10.26599/1671-5411.2024.12.002
- Author:
Peng-Qi LIN
1
;
Quan-Wei PEI
1
;
Bin LI
1
;
Jie-Mei YANG
2
;
Li-Na ZOU
1
;
De-Zhan SU
1
;
Jun-Pei ZHANG
1
;
Hong-Peng YIN
1
;
Mbabazi NADINE
1
;
Jun-Jie YANG
1
;
Nevzorova Vera A
3
;
Khan MUSAWIR ABBAS
1
;
Zhao-Lei JIANG
4
;
Jing-Jie LI
1
;
De-Chun YIN
5
Author Information
1. Department of Cardiology, the First Affiliated Hospital of Harbin Medical University, Harbin, China.
2. Department of Echocardiography, the First Affiliated Hospital of Harbin Medical University, Harbin, China.
3. Institute Therapy and Instrumental Diagnostic, Pacific State Medical University, Vladivostok, Russia.
4. Department of Cardiothoracic Surgery, Xinhua Hospital, School of Medicine, Shanghai Jiaotong University, Shanghai, China.
5. Department of Geriatrics, the First Affiliated Hospital of Harbin Medical University, Harbin, China.
- Publication Type:Journal Article
- From:
Journal of Geriatric Cardiology
2024;21(12):1119-1132
- CountryChina
- Language:English
-
Abstract:
BACKGROUND:Stress cardiomyopathy (SCM) currently has a high incidence in older adults, and the theories regarding its causes include "catecholamine myocardial toxicity" and "sympathetic hyperactivation". However, the role of the central nervous system in the pathogenesis of SCM remains unknown.

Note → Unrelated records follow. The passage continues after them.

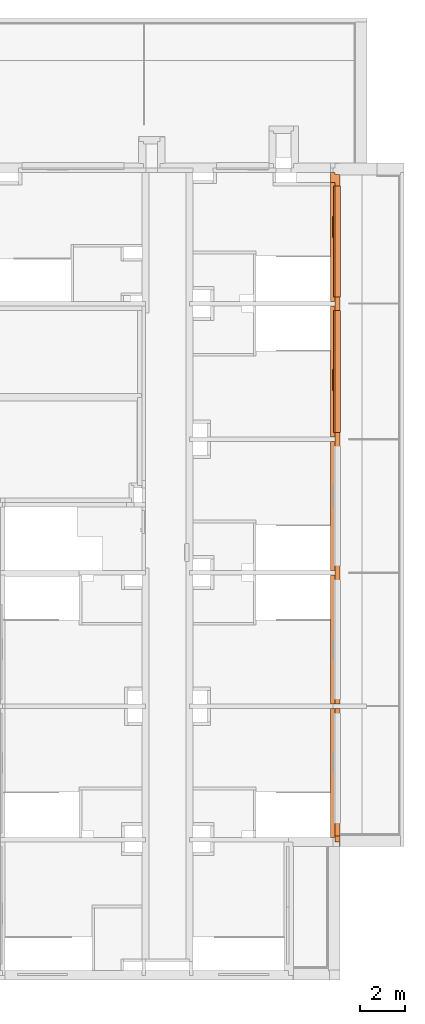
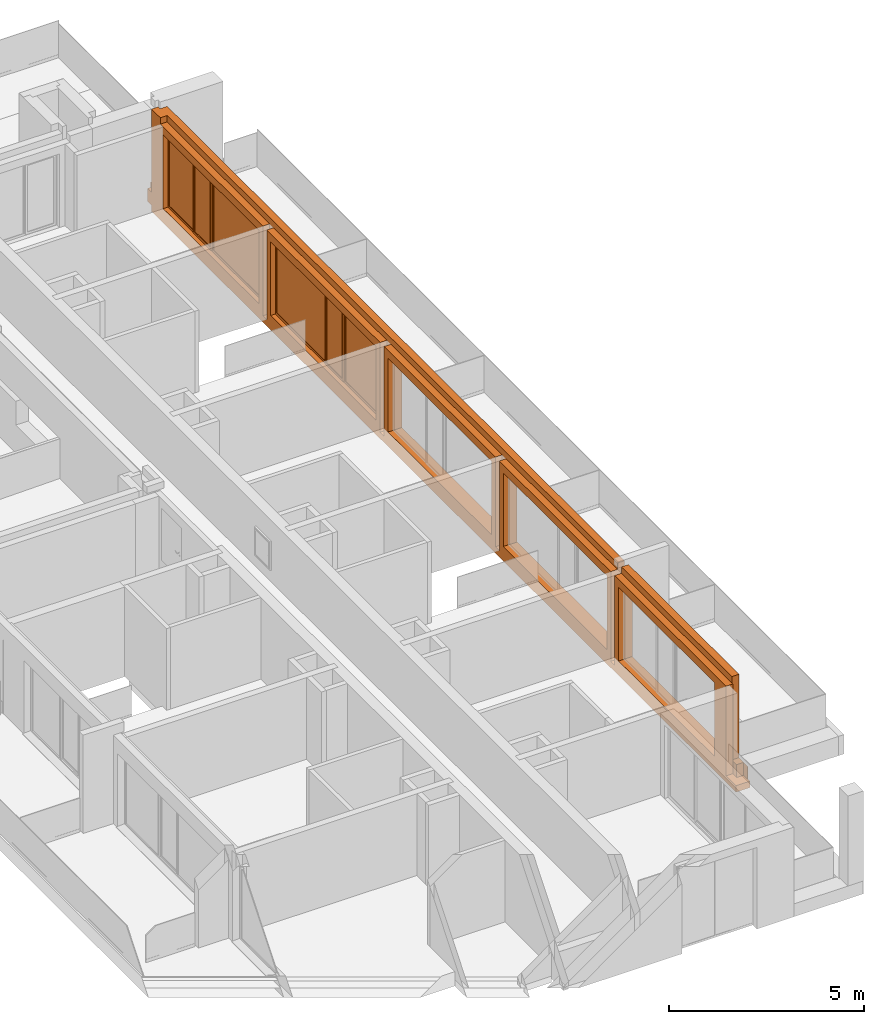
# One storey, part 12 of 30: 3 proxies, 5 openings.
"""IFC2X3 building model written with IfcOpenShell, lengths in millimetres."""

import ifcopenshell
import ifcopenshell.guid

model = None  # the IFC model being written
_history = None  # IfcOwnerHistory: only IFC2X3 demands one
_inside = {}  # id of a spatial element -> (the spatial element, [elements in it])
_under = {}  # id of a project, library or spatial element -> (it, [spatial elements below it])
_declared = {}  # id of a project -> (the project, [libraries it declares])
_typed = {}  # id of a type object -> (the type object, [elements of that type])
_made_of = {}  # id of a material, layer set ... -> (it, [elements and type objects made of it])


def new_model(schema):
    """Start an empty IFC model of exactly this schema.

    Asked for "IFC4X3", IfcOpenShell would pick the latest addendum, in which some entities
    have other attributes; the version numbers below select the first issue.
    IFC2X3 requires an IfcOwnerHistory on every rooted entity: one is made here for all.
    """
    global model, _history
    if schema == "IFC4X3":
        model = ifcopenshell.file(schema_version=(4, 3, 0, 0))
    else:
        model = ifcopenshell.file(schema=schema)
    _inside.clear()
    _under.clear()
    _declared.clear()
    _typed.clear()
    _made_of.clear()
    _history = None
    if model.schema == "IFC2X3":
        org = make("IfcOrganization", Name="unknown")
        user = make(
            "IfcPersonAndOrganization",
            ThePerson=make("IfcPerson", FamilyName="unknown"),
            TheOrganization=org,
        )
        app = make(
            "IfcApplication",
            ApplicationDeveloper=org,
            Version="unknown",
            ApplicationFullName="unknown",
            ApplicationIdentifier="unknown",
        )
        _history = make(
            "IfcOwnerHistory",
            OwningUser=user,
            OwningApplication=app,
            ChangeAction="ADDED",
            CreationDate=0,
        )
    return model


def make(cls, **values):
    """One entity of the class cls with the attributes given. An attribute that is None is left unset."""
    return model.create_entity(
        cls, **{name: value for name, value in values.items() if value is not None}
    )


def entity(cls, *values):
    """Any entity or typed value of the class cls, its attributes in the order of the schema. None: left unset."""
    e = model.create_entity(cls)
    for i, value in enumerate(values):
        if value is not None:
            e[i] = value
    return e


def rooted(cls, **values):
    """An entity with a GlobalId (a new one), such as an element, a storey or a relation."""
    return make(cls, GlobalId=ifcopenshell.guid.new(), OwnerHistory=_history, **values)


def si_unit(unit_type, name, prefix=None):
    """IfcSIUnit, for example si_unit("LENGTHUNIT", "METRE", prefix="MILLI")."""
    return make("IfcSIUnit", UnitType=unit_type, Prefix=prefix, Name=name)


def converted_unit(unit_type, name, factor, base, dimensions=None, offset=None):
    """IfcConversionBasedUnit, such as the inch: factor (a typed value) times the base unit."""
    return make(
        "IfcConversionBasedUnit"
        if offset is None
        else "IfcConversionBasedUnitWithOffset",
        ConversionOffset=offset,
        Dimensions=None
        if dimensions is None
        else entity("IfcDimensionalExponents", *dimensions),
        UnitType=unit_type,
        Name=name,
        ConversionFactor=make(
            "IfcMeasureWithUnit", ValueComponent=factor, UnitComponent=base
        ),
    )


def derived_unit(unit_type, elements):
    """IfcDerivedUnit: a product of units, each with its exponent."""
    return make(
        "IfcDerivedUnit",
        Elements=[
            make("IfcDerivedUnitElement", Unit=unit, Exponent=power)
            for unit, power in elements
        ],
        UnitType=unit_type,
    )


def money_unit(currency):
    """IfcMonetaryUnit."""
    return make("IfcMonetaryUnit", Currency=currency)


def assignment(units):
    """IfcUnitAssignment: the units of a project."""
    return None if units is None else make("IfcUnitAssignment", Units=units)


def point(xyz):
    """IfcCartesianPoint."""
    return None if xyz is None else make("IfcCartesianPoint", Coordinates=xyz)


def direction(xyz):
    """IfcDirection."""
    return None if xyz is None else make("IfcDirection", DirectionRatios=xyz)


def frame(location, z_axis=None, x_axis=None):
    """IfcAxis2Placement3D, a coordinate frame: its origin and axes. An axis left out is left unset."""
    return make(
        "IfcAxis2Placement3D",
        Location=point(location),
        Axis=direction(z_axis),
        RefDirection=direction(x_axis),
    )


def frame_2d(location, x_axis=None):
    """IfcAxis2Placement2D, a coordinate frame in the plane: its origin and x axis."""
    return make(
        "IfcAxis2Placement2D", Location=point(location), RefDirection=direction(x_axis)
    )


def origin_with_axes():
    """The frame at (0, 0, 0) with the z axis (0, 0, 1) and the x axis (1, 0, 0) written out."""
    return frame((0.0, 0.0, 0.0), z_axis=(0.0, 0.0, 1.0), x_axis=(1.0, 0.0, 0.0))


def origin_2d_with_axis():
    """The frame at (0, 0) in the plane with the x axis (1, 0) written out."""
    return frame_2d((0.0, 0.0), x_axis=(1.0, 0.0))


def place(relative_to, where):
    """IfcLocalPlacement: puts the frame where relative to a parent placement (None: the world)."""
    return make(
        "IfcLocalPlacement", PlacementRelTo=relative_to, RelativePlacement=where
    )


def context(
    kind, dimensions, precision=None, world=None, true_north=None, identifier=None
):
    """IfcGeometricRepresentationContext, for example the 3D "Model" context."""
    return make(
        "IfcGeometricRepresentationContext",
        ContextIdentifier=identifier,
        ContextType=kind,
        CoordinateSpaceDimension=dimensions,
        Precision=precision,
        WorldCoordinateSystem=world,
        TrueNorth=true_north,
    )


def subcontext(parent, identifier, kind, view, scale=None):
    """IfcGeometricRepresentationSubContext, for example "Body" below "Model"."""
    return make(
        "IfcGeometricRepresentationSubContext",
        ContextIdentifier=identifier,
        ContextType=kind,
        ParentContext=parent,
        TargetScale=scale,
        TargetView=view,
    )


def project(units=None, contexts=None):
    """IfcProject with its units and contexts."""
    return rooted(
        "IfcProject",
        Name="project",
        RepresentationContexts=contexts,
        UnitsInContext=assignment(units),
    )


def spatial(cls, under=None, at=None, **own):
    """A site, building, storey or space (cls), placed at a placement, below another one or the project."""
    s = rooted(cls, ObjectPlacement=at, **own)
    if under is not None:
        _under.setdefault(under.id(), (under, []))[1].append(s)
    return s


def profile(cls, at=None, kind="AREA", **sizes):
    """A parametric profile (cls). Its sizes go by their IFC names, for example OverallWidth=200.0."""
    return make(cls, ProfileType=kind, Position=at, **sizes)


def rectangle(**sizes):
    """IfcRectangleProfileDef."""
    return profile("IfcRectangleProfileDef", **sizes)


def extrude(swept, where, along, depth):
    """IfcExtrudedAreaSolid: the profile swept, set in the frame where, extruded along a direction by depth."""
    return make(
        "IfcExtrudedAreaSolid",
        SweptArea=swept,
        Position=where,
        ExtrudedDirection=direction(along),
        Depth=depth,
    )


def faces_of(points, faces, orient=None, outer=None):
    """IfcFace entities. A face is a list of loops; a loop is a list of indices into points, from 0.

    orient and outer hold one flag for each loop. By default every Orientation is true, the
    first loop of a face is its IfcFaceOuterBound and the others are IfcFaceBound.
    """
    made = []
    for i, loops in enumerate(faces):
        bounds = []
        for j, loop in enumerate(loops):
            is_outer = j == 0 if outer is None else outer[i][j]
            bounds.append(
                make(
                    "IfcFaceOuterBound" if is_outer else "IfcFaceBound",
                    Bound=make("IfcPolyLoop", Polygon=[points[k] for k in loop]),
                    Orientation=True if orient is None else orient[i][j],
                )
            )
        made.append(make("IfcFace", Bounds=bounds))
    return made


def open_shell(faces, orient=None, outer=None):
    """The faces of one IfcOpenShell. surface_model builds it on its shared points."""
    return ("IfcOpenShell", faces, orient, outer)


def faceted_brep(points, faces, orient=None, outer=None, voids=None):
    """IfcFacetedBrep: a solid bounded by flat faces; with voids (closed shells), ...WithVoids."""
    shared = [point(p) for p in points]
    hull = make("IfcClosedShell", CfsFaces=faces_of(shared, faces, orient, outer))
    if voids is None:
        return make("IfcFacetedBrep", Outer=hull)
    return make(
        "IfcFacetedBrepWithVoids",
        Outer=hull,
        Voids=[
            make(cls, CfsFaces=faces_of(shared, fs, o, b)) for cls, fs, o, b in voids
        ],
    )


def surface_model(cls, points, shells):
    """IfcFaceBasedSurfaceModel or IfcShellBasedSurfaceModel (cls): surfaces that need not close."""
    shared = [point(p) for p in points]
    made = [make(c, CfsFaces=faces_of(shared, fs, o, b)) for c, fs, o, b in shells]
    if cls == "IfcFaceBasedSurfaceModel":
        return make(cls, FbsmFaces=made)
    return make(cls, SbsmBoundary=made)


def shape(context_of_items, identifier, shape_type, items):
    """IfcShapeRepresentation: the items that make up one representation, for example the "Body"."""
    return make(
        "IfcShapeRepresentation",
        ContextOfItems=context_of_items,
        RepresentationIdentifier=identifier,
        RepresentationType=shape_type,
        Items=items,
    )


def material(Name=None, Category=None):
    """IfcMaterial."""
    return make("IfcMaterial", Name=Name, Category=Category)


def material_list(materials):
    """IfcMaterialList."""
    return make("IfcMaterialList", Materials=materials)


def made_of(thing, what):
    """Note that an element or type object is made of a material, layer set ...; save() writes the relation."""
    if what is not None:
        _made_of.setdefault(what.id(), (what, []))[1].append(thing)
    return thing


def type_object(cls, material=None, **own):
    """A type object (cls), such as IfcWallType, which elements share."""
    return made_of(rooted(cls, **own), material)


def element(
    cls,
    number,
    at=None,
    inside=None,
    cuts=None,
    type_object=None,
    material=None,
    context=None,
    identifier="Body",
    shape_type=None,
    held_by="IfcProductDefinitionShape",
    body=None,
    shapes=None,
    **own,
):
    """One element of the class cls, such as IfcWall. Its Tag is "e" and its number.

    at: its placement. inside: the storey or other place that contains it. cuts: it is an
    opening in that element (IfcRelVoidsElement). A single representation is given by context,
    identifier, shape_type and body (its items); several are given by shapes. held_by: the class
    of the entity that holds the representations. save() writes the other relations.
    """
    e = rooted(cls, Tag="e%d" % number, ObjectPlacement=at, **own)
    if body is not None:
        shapes = [shape(context, identifier, shape_type, body)]
    if shapes is not None:
        e.Representation = make(held_by, Representations=shapes)
    if inside is not None:
        _inside.setdefault(inside.id(), (inside, []))[1].append(e)
    if cuts is not None:
        rooted(
            "IfcRelVoidsElement", RelatingBuildingElement=cuts, RelatedOpeningElement=e
        )
    if type_object is not None:
        _typed.setdefault(type_object.id(), (type_object, []))[1].append(e)
    return made_of(e, material)


def fill(opening, filler):
    """IfcRelFillsElement: the door or window that sits in an opening."""
    return rooted(
        "IfcRelFillsElement",
        RelatingOpeningElement=opening,
        RelatedBuildingElement=filler,
    )


def aggregate(whole, parts):
    """IfcRelAggregates: a whole, such as a stair, and the parts it consists of."""
    return rooted("IfcRelAggregates", RelatingObject=whole, RelatedObjects=parts)


def save(model, path):
    """Write the relations noted so far, then the file.

    IfcRelAggregates (storeys below a building ...), IfcRelContainedInSpatialStructure (elements
    in a storey), IfcRelDefinesByType, IfcRelAssociatesMaterial and IfcRelDeclares: one each for
    every whole, place, type object, material and project.
    """
    for whole, parts in _under.values():
        aggregate(whole, parts)
    for where, things in _inside.values():
        rooted(
            "IfcRelContainedInSpatialStructure",
            RelatedElements=things,
            RelatingStructure=where,
        )
    for kind, things in _typed.values():
        rooted("IfcRelDefinesByType", RelatedObjects=things, RelatingType=kind)
    for what, things in _made_of.values():
        rooted("IfcRelAssociatesMaterial", RelatedObjects=things, RelatingMaterial=what)
    for by, libraries in _declared.values():
        rooted("IfcRelDeclares", RelatingContext=by, RelatedDefinitions=libraries)
    model.write(path)


model = new_model("IFC2X3")

# Units and contexts
model_context = context("Model", 3, precision=0.01, world=origin_with_axes(), true_north=direction((0.34421633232, 0.938890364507)))
body_context = subcontext(model_context, "Body", "Model", "MODEL_VIEW")
ifc_project = project(units=[si_unit("LENGTHUNIT", "METRE", prefix="MILLI"), si_unit("AREAUNIT", "SQUARE_METRE"), si_unit("VOLUMEUNIT", "CUBIC_METRE"), converted_unit("PLANEANGLEUNIT", "DEGREE", entity("IfcPlaneAngleMeasure", 0.0174532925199), si_unit("PLANEANGLEUNIT", "RADIAN"), dimensions=[0, 0, 0, 0, 0, 0, 0]), si_unit("SOLIDANGLEUNIT", "STERADIAN"), money_unit("USD"), converted_unit("TIMEUNIT", "Year", entity("IfcTimeMeasure", 31556926.0), si_unit("TIMEUNIT", "SECOND"), dimensions=[0, 0, 1, 0, 0, 0, 0]), si_unit("MASSUNIT", "GRAM", prefix="KILO"), si_unit("THERMODYNAMICTEMPERATUREUNIT", "DEGREE_CELSIUS"), si_unit("LUMINOUSINTENSITYUNIT", "LUMEN"), si_unit("ENERGYUNIT", "JOULE", prefix="MEGA"), derived_unit("THERMALCONDUCTANCEUNIT", [(si_unit("POWERUNIT", "WATT"), 1), (si_unit("LENGTHUNIT", "METRE"), -1), (si_unit("THERMODYNAMICTEMPERATUREUNIT", "KELVIN"), -1)]), derived_unit("SPECIFICHEATCAPACITYUNIT", [(si_unit("ENERGYUNIT", "JOULE"), 1), (si_unit("MASSUNIT", "GRAM", prefix="KILO"), -1), (si_unit("THERMODYNAMICTEMPERATUREUNIT", "KELVIN"), -1)]), derived_unit("MASSDENSITYUNIT", [(si_unit("MASSUNIT", "GRAM", prefix="KILO"), 1), (si_unit("VOLUMEUNIT", "CUBIC_METRE"), -1)])], contexts=[model_context])

# Site, building, storey
site_placement = place(None, origin_with_axes())
site = spatial("IfcSite", under=ifc_project, at=site_placement, Name="USTRONIE MORSKIE", CompositionType="ELEMENT")
building_placement = place(site_placement, origin_with_axes())
building = spatial("IfcBuilding", under=site, at=building_placement, Name="Budynek", CompositionType="ELEMENT")
storey_placement = place(building_placement, frame((0.0, 0.0, 16000.0), z_axis=(0.0, 0.0, 1.0), x_axis=(1.0, 0.0, 0.0)))
storey = spatial("IfcBuildingStorey", under=building, at=storey_placement, Name="ANTRESOLA - KOND. TECHNICZNA", CompositionType="ELEMENT", Elevation=16000.0)

# Proxies, openings
ifc_material_1 = material(Name="Tynk zewnętrzny")
ifc_material_2 = material(Name="Wełna ELEW")
ifc_material_3 = material(Name="Beton konstrukcyjny B25")
ifc_material_list = material_list([ifc_material_1, ifc_material_2, ifc_material_3])
building_element_proxy_type_1 = type_object("IfcBuildingElementProxyType", Name="20+20 410", PredefinedType="NOTDEFINED")
proxy_1_placement = place(storey_placement, frame((424367.920919, 744701.199036, -360.0), z_axis=(0.0, 0.0, 1.0), x_axis=(0.0, -1.0, 0.0)))
proxy_1 = element("IfcBuildingElementProxy", 1, at=proxy_1_placement, inside=storey, type_object=building_element_proxy_type_1, material=ifc_material_list, Name="SZ-01", context=body_context, shape_type="Brep", body=[
    faceted_brep([(29500.0, 310.0, 439.99999792), (-99.9999999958, 310.0, 440.0), (-309.999999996, 310.0, 440.0), (-310.0, 310.0, 600.0), (210.0, 310.0, 600.0), (210.0, 310.0, 3200.0), (23599.9910173, 310.0, 3200.0), (23599.9910956, 310.0, 470.0), (23799.9910956, 310.0, 470.0), (23799.9910173, 310.0, 3200.0), (29440.0, 310.0, 3200.0), (29440.0, 310.0, 600.0), (29900.0, 310.0, 600.0), (29900.0, 310.0, 199.999997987), (29910.0, 310.0, 199.999997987), (30010.0, 310.0, 199.999997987), (30010.0, 310.0, 0.0), (29500.0, 310.0, -2.07958272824e-06), (29500.0, 310.0, 199.99999792), (29500.0, 310.0, 204.99999792), (29500.0, 310.0, 354.99999792), (29500.0, 310.0, 414.99999792), (-309.999999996, 300.0, 440.0), (29500.0, 300.0, 439.99999792), (-310.0, 300.0, 600.0), (210.0, 300.0, 600.0), (210.0, 300.0, 3200.0), (23599.9910173, 300.0, 3200.0), (23599.9910962, 300.0, 470.0), (23799.9910962, 300.0, 470.0), (23799.9910173, 300.0, 3200.0), (29440.0, 300.0, 3200.0), (29440.0, 300.0, 600.0), (29900.0, 300.0, 600.0), (29900.0, 300.0, 199.999997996), (29910.0, 300.0, 199.999997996), (30010.0, 300.0, 199.999997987), (30010.0, 300.0, 0.0), (29500.0, 300.0, -2.07958272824e-06), (29500.0, 300.0, 199.99999792), (29500.0, 300.0, 204.99999792), (29500.0, 300.0, 354.99999792), (29500.0, 300.0, 414.99999792)], [[[0, 1, 2, 3, 4, 5, 6, 7, 8, 9, 10, 11, 12, 13, 14, 15, 16, 17, 18, 19, 20, 21]], [[22, 2, 1, 0, 23]], [[2, 22, 24, 3]], [[24, 25, 4, 3]], [[25, 26, 5, 4]], [[6, 5, 26, 27]], [[27, 28, 7, 6]], [[29, 8, 7, 28]], [[9, 8, 29, 30]], [[30, 31, 10, 9]], [[11, 10, 31, 32]], [[33, 12, 11, 32]], [[13, 12, 33, 34]], [[35, 14, 13, 34]], [[15, 14, 35, 36]], [[37, 16, 15, 36]], [[38, 17, 16, 37]], [[39, 18, 17, 38]], [[40, 19, 18, 39]], [[41, 20, 19, 40]], [[42, 21, 20, 41]], [[0, 21, 42, 23]], [[23, 42, 41, 40, 39, 38, 37, 36, 35, 34, 33, 32, 31, 30, 29, 28, 27, 26, 25, 24, 22]]]),
    faceted_brep([(29500.0, 300.0, 414.99999792), (29500.0, 300.0, 439.99999792), (-299.999999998, 300.0, 439.99999792), (-300.0, 300.0, 600.0), (200.0, 300.0, 600.0), (200.0, 300.0, 3200.0), (23599.9910173, 300.0, 3200.0), (23599.9910962, 300.0, 470.0), (23799.9910962, 300.0, 470.0), (23799.9910173, 300.0, 3200.0), (29450.0, 300.0, 3200.0), (29450.0, 300.0, 600.0), (29700.0, 300.0, 600.0), (29700.0, 300.0, 199.999997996), (29910.0, 300.0, 199.999997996), (30010.0, 300.0, 199.999997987), (30010.0, 300.0, 0.0), (29500.0, 300.0, -2.07958272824e-06), (29500.0, 300.0, 199.99999792), (29500.0, 300.0, 204.99999792), (29500.0, 300.0, 354.99999792), (29500.0, 99.9999999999, 414.99999792), (29500.0, 99.9999999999, 439.99999792), (-299.999999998, 100.0, 439.99999792), (-99.9999999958, 99.9999999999, 439.99999792), (-300.0, 100.0, 600.0), (200.0, 100.0, 600.0), (200.0, 100.0, 3200.0), (23599.9910173, 100.0, 3200.0), (23599.9911094, 100.0, 470.0), (23799.9911094, 100.0, 470.0), (23799.9910173, 100.0, 3200.0), (29450.0, 100.0, 3200.0), (29450.0, 100.0, 600.0), (29700.0, 100.0, 600.0), (29700.0, 100.0, 199.999998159), (29910.0, 100.0, 199.999998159), (30010.0, 100.0, 199.999997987), (30010.0, 100.0, 0.0), (29500.0, 99.9999999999, -2.07958272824e-06), (29500.0, 99.9999999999, 199.99999792), (29500.0, 99.9999999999, 204.99999792), (29500.0, 99.9999999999, 354.99999792)], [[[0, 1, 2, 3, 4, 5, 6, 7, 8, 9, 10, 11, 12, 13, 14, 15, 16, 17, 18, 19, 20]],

We investigated the role of microglia activation in the paraventricular hypothalamic nucleus (PVN) in the development of SCM.
METHODS:An SCM model was created using male Sprague-Dawley (SD) rats, immobilized for 6 h every day for a week. Electrocardiogram, cardiac electrophysiology, and echocardiography examinations were performed to verify the changes in cardiac structure and function in rats with SCM. RNA sequencing was used to explore the changes in the hypothalamus during SCM. In addition, brain and heart tissues were collected to detect microglial activation and sympathetic activity.
RESULTS:The main findings were as follows: (1) immobilization stress successfully induced SCM in SD rats; (2) microglia were significantly activated in the hypothalamus, as evidenced by cytosol thickening, increases in the number of microglial branches, and microglia enriched in the PVN; (3) in SCM, the microglia in the PVN exhibited increased central and peripheral cardiac sympathetic activity and increased the expression of neuroinflammatory factors; and (4) it is possible that inhibiting microglial activation could suppress the sympathetic activity of the central nervous system and heart and increase cardiac electrical stability in SCM rats.
CONCLUSIONS:SCM was induced in SD rats by immobilization stress, acting through the activation of the hypothalamic microglia. The activated microglia were specifically enriched in the PVN, increasing the activity of the central and peripheral sympathetic nervous systems by regulating the expression of neuro-inflammatory factors, mediating dysfunction of the left ventricle, and increasing the susceptibility to ventricular arrhythmias.